A comprehensive analysis indicates that although the instantaneous tracking accuracy of NMPC may be inferior to that of conventional PID control, its overall control performance is superior in long-distance path tracking tasks. Nevertheless, in practical engineering applications, a trade-off must be made between the algorithm’s computational complexity and its real-time control capability. This trade-off remains a key challenge limiting the widespread adoption of NMPC.
7. Conclusions
This paper addresses the challenge of achieving high-precision 3D path tracking for bionically actuated amphibious robots operating in complex underwater environments characterized by periodic and time-varying thrust forces, through systematic modeling and control design.

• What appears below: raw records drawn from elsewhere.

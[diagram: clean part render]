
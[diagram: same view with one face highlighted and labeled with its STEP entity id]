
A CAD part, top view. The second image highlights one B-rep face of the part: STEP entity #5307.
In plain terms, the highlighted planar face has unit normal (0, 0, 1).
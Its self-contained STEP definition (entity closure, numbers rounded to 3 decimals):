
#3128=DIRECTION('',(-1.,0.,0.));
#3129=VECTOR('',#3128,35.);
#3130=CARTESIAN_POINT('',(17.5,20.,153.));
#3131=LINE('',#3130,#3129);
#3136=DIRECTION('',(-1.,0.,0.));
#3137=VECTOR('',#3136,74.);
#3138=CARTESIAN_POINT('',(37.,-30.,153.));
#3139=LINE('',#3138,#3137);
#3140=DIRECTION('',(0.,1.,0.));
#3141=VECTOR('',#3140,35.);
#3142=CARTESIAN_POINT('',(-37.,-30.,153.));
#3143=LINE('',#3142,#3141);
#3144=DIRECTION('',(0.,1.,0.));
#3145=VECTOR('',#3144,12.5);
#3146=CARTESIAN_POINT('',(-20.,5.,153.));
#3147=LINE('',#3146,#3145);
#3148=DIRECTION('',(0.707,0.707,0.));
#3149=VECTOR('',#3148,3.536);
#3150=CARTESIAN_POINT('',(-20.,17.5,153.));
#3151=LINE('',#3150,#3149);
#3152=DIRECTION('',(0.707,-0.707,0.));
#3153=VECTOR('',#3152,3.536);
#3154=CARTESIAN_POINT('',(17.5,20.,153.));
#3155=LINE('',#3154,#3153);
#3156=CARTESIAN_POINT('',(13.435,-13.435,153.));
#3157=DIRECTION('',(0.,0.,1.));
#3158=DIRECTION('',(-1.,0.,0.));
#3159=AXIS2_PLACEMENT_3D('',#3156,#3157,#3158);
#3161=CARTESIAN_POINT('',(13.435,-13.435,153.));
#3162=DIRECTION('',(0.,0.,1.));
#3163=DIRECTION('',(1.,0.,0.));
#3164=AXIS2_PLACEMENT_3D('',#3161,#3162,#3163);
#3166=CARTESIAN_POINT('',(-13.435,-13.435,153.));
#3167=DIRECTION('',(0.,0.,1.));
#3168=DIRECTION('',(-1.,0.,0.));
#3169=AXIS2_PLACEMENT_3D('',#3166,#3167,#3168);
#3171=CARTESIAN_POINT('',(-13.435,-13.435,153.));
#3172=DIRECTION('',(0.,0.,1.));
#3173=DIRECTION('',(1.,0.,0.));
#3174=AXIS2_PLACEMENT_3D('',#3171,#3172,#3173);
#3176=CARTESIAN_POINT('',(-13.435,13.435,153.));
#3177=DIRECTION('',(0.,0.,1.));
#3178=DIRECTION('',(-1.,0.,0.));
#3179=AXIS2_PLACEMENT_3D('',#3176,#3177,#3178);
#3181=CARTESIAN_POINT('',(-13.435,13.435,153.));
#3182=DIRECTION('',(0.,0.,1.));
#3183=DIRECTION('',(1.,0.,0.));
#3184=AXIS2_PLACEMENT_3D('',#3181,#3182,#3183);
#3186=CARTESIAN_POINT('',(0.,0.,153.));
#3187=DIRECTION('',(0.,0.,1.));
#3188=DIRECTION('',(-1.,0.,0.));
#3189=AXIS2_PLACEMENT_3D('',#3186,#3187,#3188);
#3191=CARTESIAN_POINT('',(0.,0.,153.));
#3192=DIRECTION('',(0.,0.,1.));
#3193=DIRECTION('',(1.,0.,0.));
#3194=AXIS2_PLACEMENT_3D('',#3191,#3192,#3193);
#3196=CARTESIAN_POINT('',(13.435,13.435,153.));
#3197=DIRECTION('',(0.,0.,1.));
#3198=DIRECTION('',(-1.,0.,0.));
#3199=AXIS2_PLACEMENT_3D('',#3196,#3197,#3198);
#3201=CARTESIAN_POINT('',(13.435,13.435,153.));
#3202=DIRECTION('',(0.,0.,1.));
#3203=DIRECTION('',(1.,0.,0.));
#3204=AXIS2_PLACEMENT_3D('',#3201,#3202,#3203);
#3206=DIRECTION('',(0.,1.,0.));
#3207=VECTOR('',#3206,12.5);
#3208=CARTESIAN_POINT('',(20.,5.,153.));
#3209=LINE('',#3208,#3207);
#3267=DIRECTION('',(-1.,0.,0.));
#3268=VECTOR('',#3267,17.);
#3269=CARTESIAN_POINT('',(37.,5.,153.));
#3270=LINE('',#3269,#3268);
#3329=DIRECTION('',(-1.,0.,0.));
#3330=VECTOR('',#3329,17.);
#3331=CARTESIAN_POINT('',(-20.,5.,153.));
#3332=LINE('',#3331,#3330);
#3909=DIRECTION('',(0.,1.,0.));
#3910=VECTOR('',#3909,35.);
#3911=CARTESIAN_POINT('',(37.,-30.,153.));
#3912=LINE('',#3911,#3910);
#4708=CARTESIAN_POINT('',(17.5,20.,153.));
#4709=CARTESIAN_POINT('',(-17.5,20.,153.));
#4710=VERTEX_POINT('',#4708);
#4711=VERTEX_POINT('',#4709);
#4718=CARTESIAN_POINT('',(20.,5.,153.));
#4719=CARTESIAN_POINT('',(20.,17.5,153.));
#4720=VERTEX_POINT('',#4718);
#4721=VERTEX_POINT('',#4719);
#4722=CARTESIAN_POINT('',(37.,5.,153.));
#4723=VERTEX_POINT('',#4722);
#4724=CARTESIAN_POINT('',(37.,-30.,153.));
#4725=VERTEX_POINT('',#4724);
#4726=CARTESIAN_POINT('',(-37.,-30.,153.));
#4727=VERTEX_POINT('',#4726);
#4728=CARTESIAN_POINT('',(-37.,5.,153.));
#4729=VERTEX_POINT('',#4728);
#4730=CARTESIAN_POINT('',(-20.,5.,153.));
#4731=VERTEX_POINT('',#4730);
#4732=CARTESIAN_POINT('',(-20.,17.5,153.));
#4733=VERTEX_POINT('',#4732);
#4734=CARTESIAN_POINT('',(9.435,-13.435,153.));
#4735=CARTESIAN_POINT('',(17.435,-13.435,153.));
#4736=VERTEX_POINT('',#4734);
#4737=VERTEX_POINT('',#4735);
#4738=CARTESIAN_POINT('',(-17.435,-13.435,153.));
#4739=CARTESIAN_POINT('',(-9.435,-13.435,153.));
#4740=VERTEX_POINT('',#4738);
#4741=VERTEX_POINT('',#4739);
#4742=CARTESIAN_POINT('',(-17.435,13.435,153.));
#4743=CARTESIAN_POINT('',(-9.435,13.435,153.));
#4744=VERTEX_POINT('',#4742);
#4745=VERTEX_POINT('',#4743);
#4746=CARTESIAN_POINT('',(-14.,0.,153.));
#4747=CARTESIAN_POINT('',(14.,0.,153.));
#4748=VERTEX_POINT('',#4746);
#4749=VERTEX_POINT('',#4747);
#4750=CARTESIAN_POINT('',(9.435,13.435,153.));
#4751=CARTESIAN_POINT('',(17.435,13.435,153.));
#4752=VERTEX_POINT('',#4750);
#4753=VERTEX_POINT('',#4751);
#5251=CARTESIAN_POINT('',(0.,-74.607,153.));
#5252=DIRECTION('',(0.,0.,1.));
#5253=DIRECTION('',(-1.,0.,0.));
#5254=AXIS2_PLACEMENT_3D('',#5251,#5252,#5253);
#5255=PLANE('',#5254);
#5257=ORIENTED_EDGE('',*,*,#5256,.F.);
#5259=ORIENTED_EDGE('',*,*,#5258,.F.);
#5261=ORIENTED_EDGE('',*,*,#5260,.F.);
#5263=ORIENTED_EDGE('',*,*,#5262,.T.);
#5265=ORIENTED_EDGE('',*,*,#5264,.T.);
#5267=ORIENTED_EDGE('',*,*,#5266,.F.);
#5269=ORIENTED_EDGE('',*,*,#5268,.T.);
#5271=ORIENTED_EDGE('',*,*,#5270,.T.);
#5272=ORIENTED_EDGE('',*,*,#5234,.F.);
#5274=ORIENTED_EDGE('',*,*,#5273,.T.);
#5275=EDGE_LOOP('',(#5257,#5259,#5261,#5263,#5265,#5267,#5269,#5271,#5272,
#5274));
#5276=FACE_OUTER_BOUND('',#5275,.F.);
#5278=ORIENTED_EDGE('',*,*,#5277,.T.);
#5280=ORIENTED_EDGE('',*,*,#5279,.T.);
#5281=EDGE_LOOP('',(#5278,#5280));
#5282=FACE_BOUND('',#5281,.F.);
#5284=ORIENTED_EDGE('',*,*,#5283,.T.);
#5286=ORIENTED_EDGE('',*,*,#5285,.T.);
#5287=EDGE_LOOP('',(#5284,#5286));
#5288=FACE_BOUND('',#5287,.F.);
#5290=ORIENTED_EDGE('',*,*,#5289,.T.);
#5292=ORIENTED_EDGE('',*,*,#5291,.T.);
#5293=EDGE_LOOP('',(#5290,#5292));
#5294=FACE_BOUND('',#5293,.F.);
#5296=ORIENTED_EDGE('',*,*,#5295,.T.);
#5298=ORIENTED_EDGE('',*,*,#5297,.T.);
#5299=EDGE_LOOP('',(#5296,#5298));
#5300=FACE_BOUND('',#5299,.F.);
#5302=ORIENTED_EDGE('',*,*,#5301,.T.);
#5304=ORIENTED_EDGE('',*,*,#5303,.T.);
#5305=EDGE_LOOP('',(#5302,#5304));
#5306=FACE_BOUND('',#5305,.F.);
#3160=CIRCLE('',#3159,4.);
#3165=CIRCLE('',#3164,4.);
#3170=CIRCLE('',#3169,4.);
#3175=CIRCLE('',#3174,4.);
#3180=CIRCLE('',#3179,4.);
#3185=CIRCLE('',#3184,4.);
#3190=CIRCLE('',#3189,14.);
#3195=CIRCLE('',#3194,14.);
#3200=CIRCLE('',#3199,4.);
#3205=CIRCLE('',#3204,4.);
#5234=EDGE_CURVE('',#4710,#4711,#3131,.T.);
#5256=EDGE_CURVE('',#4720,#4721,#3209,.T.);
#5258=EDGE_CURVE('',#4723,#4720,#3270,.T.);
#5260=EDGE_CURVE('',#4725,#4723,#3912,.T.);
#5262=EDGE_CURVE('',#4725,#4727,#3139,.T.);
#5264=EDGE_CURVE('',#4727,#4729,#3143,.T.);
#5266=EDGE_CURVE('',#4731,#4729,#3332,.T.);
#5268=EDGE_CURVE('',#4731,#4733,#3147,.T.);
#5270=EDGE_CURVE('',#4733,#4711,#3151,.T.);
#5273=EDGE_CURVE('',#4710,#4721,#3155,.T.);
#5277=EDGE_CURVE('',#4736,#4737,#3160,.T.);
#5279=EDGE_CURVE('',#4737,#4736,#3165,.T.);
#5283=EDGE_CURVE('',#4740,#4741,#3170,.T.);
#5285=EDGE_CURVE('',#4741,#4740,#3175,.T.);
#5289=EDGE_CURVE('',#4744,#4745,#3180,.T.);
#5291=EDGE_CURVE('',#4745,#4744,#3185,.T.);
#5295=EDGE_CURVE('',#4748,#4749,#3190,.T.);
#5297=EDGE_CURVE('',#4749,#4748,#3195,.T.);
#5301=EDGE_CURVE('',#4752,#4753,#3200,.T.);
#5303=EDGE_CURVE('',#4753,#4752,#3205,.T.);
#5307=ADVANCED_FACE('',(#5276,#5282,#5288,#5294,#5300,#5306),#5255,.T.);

First, the hydrodynamic forces acting on the robot during underwater hovering, along with the thrust generated by foot-wing flapping, were thoroughly analyzed, leading to the development of a complete six-degree-of-freedom dynamic model. To simplify the periodic actuation inputs, an averaging method based on a scaling function was introduced. This enabled the derivation of an explicit functional relationship between the joint flapping amplitude and the resulting thrust force, thereby enhancing model controllability and facilitating controller design.
Finally, a horizontal path tracking controller was developed by integrating NMPC with the LOS guidance strategy. Simulation results demonstrate that the proposed control approach not only achieves high-precision trajectory tracking, but also effectively maintains attitude stability throughout underwater motion.
Nevertheless, several limitations remain in this study. Certain secondary hydrodynamic terms were simplified during the modeling process, which may affect the overall accuracy of the dynamic model. Although the averaging-based model reduces computational complexity, it still retains a relatively complex structure that may hinder the real-time performance and implementation efficiency of the controller. Moreover, the controller design does not account for common environmental disturbances such as ocean currents and waves, which limits its robustness under complex operating conditions. In addition, the stability of the NMPC controller has not been systematically analyzed from a theoretical perspective, and thus lacks rigorous theoretical justification.
Therefore, future research should focus on more comprehensive hydrodynamic modeling, enhanced robustness to environmental disturbances, and a rigorous theoretical analysis of controller stability. These improvements are expected to enhance the practicality and engineering scalability of the proposed control system.